▶ AIM OF THE EXERCISE:
Look for "Unassigned" in the records and copy every line that has it.

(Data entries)
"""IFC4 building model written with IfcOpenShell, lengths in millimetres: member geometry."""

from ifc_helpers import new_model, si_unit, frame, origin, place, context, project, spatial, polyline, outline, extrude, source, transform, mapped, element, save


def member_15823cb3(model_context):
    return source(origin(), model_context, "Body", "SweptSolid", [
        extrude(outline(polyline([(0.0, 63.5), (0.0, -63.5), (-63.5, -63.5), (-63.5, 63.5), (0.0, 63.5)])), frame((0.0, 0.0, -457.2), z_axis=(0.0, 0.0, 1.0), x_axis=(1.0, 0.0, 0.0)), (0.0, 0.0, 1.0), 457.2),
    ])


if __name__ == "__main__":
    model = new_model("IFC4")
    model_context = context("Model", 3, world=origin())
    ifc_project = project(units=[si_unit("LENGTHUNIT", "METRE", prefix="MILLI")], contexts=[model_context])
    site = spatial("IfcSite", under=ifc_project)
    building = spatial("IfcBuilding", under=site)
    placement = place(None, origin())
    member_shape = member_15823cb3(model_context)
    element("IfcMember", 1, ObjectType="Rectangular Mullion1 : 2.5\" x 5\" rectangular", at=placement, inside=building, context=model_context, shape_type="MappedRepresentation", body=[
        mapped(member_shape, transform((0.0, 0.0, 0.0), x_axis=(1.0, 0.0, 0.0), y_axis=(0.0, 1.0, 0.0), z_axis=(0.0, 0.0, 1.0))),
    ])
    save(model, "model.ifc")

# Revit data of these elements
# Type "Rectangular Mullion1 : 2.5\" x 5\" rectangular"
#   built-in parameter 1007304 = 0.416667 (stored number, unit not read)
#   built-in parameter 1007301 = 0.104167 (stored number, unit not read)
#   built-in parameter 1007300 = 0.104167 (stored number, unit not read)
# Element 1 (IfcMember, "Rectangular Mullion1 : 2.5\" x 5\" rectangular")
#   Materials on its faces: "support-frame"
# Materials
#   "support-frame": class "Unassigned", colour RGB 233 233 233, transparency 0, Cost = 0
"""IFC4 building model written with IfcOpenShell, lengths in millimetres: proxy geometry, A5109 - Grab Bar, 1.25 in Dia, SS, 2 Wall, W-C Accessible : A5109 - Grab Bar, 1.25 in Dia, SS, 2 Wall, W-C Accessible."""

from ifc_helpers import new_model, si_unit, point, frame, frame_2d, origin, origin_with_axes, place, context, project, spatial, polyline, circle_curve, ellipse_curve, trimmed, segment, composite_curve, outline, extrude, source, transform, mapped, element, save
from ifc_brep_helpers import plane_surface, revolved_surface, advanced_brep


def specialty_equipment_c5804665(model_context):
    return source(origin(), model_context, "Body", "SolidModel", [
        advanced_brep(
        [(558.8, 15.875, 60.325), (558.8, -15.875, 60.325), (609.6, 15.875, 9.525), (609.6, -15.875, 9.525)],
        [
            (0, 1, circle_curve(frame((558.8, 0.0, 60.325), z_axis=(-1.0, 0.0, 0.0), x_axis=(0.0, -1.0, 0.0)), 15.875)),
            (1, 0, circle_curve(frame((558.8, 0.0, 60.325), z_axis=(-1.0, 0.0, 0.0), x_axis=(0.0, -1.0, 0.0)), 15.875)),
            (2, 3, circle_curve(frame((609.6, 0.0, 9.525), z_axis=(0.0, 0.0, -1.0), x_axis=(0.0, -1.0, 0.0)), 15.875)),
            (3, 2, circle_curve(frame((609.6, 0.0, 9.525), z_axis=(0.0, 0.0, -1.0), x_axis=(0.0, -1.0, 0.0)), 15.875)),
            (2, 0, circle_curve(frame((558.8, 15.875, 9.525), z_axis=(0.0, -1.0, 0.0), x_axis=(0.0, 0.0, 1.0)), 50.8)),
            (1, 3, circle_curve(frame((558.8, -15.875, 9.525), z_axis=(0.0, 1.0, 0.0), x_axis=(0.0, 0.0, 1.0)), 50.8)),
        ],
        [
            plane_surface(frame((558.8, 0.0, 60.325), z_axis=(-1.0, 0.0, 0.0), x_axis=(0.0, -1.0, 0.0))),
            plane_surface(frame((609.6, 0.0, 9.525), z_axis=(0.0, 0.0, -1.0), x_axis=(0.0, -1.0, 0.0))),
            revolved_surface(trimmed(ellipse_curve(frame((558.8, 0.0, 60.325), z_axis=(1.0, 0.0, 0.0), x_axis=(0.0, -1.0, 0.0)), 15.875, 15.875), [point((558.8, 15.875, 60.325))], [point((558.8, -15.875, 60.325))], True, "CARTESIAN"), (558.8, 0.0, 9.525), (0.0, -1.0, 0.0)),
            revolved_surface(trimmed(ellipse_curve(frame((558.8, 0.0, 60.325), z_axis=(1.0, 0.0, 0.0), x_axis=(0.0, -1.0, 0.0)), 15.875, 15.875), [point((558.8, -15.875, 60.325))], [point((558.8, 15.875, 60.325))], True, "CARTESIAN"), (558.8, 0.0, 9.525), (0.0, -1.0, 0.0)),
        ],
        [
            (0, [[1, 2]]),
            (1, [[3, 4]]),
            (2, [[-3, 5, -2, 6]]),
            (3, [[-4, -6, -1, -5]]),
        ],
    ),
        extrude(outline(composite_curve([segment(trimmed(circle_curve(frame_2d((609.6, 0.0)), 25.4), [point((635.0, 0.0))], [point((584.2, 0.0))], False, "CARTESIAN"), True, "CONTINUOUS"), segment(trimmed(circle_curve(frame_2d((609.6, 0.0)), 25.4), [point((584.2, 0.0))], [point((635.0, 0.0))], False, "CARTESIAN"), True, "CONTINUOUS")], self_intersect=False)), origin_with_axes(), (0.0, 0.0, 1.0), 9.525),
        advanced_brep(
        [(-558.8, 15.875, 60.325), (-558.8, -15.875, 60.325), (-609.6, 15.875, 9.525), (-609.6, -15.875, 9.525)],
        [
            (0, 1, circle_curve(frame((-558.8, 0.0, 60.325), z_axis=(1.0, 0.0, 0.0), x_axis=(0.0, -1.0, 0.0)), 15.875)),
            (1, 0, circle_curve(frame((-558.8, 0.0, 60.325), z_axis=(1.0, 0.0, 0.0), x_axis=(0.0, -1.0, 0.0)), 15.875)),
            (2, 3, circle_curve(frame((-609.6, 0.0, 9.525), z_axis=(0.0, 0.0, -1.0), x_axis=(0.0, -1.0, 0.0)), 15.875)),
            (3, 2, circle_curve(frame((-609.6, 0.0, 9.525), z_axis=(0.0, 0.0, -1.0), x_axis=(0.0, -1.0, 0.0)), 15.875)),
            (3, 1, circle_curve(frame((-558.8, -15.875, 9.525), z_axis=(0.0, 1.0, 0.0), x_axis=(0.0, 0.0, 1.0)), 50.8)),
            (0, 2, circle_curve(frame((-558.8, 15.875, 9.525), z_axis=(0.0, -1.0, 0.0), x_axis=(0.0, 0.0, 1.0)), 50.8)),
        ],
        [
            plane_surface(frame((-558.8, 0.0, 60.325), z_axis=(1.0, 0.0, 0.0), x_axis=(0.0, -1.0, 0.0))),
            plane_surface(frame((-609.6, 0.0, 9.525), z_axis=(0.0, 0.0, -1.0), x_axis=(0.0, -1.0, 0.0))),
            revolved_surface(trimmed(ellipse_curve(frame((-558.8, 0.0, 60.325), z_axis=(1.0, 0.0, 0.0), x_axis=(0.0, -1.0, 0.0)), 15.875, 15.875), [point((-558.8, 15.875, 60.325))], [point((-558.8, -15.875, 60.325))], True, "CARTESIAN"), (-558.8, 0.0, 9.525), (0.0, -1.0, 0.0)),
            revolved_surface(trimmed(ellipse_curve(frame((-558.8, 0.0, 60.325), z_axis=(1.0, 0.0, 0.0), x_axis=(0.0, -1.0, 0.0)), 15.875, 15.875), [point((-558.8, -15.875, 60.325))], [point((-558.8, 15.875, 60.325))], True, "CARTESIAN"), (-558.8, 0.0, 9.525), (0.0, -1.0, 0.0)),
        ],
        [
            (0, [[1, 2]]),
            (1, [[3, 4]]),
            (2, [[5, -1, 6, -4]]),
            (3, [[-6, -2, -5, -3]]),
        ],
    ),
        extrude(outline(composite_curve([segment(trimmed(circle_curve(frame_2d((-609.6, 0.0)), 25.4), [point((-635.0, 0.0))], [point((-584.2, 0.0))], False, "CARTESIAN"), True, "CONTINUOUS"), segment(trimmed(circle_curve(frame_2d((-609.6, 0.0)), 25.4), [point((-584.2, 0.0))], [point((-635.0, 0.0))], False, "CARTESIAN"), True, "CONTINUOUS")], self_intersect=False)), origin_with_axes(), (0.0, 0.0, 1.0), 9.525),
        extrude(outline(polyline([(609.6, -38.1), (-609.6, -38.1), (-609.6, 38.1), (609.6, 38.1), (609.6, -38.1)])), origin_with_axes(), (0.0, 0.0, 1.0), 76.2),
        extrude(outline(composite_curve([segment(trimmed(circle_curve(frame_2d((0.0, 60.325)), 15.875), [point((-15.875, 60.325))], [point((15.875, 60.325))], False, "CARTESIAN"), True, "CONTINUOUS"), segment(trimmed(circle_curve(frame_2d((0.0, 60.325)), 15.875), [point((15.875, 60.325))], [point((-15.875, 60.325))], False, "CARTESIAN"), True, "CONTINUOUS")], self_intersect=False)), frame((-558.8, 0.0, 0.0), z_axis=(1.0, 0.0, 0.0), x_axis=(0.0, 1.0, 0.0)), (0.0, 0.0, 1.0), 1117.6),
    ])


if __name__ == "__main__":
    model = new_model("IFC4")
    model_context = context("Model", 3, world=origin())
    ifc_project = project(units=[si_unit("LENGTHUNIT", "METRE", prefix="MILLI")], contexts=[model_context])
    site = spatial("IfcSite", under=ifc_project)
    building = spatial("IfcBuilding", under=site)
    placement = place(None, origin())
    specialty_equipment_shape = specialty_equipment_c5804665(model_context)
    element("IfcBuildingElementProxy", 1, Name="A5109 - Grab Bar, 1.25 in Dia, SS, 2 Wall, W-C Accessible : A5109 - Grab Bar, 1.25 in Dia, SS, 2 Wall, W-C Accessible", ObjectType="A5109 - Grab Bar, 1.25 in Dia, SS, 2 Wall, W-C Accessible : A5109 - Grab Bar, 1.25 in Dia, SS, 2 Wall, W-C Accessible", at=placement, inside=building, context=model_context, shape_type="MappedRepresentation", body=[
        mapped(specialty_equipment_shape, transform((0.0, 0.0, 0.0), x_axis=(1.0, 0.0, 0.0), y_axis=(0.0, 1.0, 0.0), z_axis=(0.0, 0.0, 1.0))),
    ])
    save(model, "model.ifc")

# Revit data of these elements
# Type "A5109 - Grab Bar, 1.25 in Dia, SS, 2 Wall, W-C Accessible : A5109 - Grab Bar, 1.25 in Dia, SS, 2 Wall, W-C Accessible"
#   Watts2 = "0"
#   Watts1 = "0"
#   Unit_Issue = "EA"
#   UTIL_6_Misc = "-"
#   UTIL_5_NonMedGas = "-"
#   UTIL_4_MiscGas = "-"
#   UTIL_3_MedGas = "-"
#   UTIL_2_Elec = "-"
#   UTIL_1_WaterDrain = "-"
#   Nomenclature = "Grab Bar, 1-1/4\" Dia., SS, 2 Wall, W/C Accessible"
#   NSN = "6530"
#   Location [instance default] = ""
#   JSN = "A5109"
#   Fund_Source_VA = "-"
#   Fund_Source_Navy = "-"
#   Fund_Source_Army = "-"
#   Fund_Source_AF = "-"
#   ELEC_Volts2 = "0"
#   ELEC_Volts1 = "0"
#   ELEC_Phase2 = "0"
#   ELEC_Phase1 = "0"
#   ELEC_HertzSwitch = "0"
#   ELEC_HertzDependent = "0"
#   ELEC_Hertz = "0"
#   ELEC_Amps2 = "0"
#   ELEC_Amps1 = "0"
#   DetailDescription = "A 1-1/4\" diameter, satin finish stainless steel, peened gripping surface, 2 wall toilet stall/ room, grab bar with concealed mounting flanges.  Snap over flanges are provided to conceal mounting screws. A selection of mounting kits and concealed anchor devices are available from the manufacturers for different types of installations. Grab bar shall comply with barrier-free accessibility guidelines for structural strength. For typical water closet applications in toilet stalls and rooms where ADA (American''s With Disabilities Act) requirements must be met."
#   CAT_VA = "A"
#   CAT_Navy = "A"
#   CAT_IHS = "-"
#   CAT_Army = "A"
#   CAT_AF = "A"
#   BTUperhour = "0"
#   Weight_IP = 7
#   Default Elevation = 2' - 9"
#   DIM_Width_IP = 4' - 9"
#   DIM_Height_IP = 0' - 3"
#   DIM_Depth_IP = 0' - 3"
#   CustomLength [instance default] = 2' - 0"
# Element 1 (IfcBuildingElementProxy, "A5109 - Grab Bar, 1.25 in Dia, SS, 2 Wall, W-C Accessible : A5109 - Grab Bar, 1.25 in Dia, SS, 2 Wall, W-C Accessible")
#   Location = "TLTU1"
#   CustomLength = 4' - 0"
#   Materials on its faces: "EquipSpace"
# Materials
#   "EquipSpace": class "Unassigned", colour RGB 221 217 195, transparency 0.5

▶ ANSWER BOX:
#   "support-frame": class "Unassigned", colour RGB 233 233 233, transparency 0, Cost = 0
#   "EquipSpace": class "Unassigned", colour RGB 221 217 195, transparency 0.5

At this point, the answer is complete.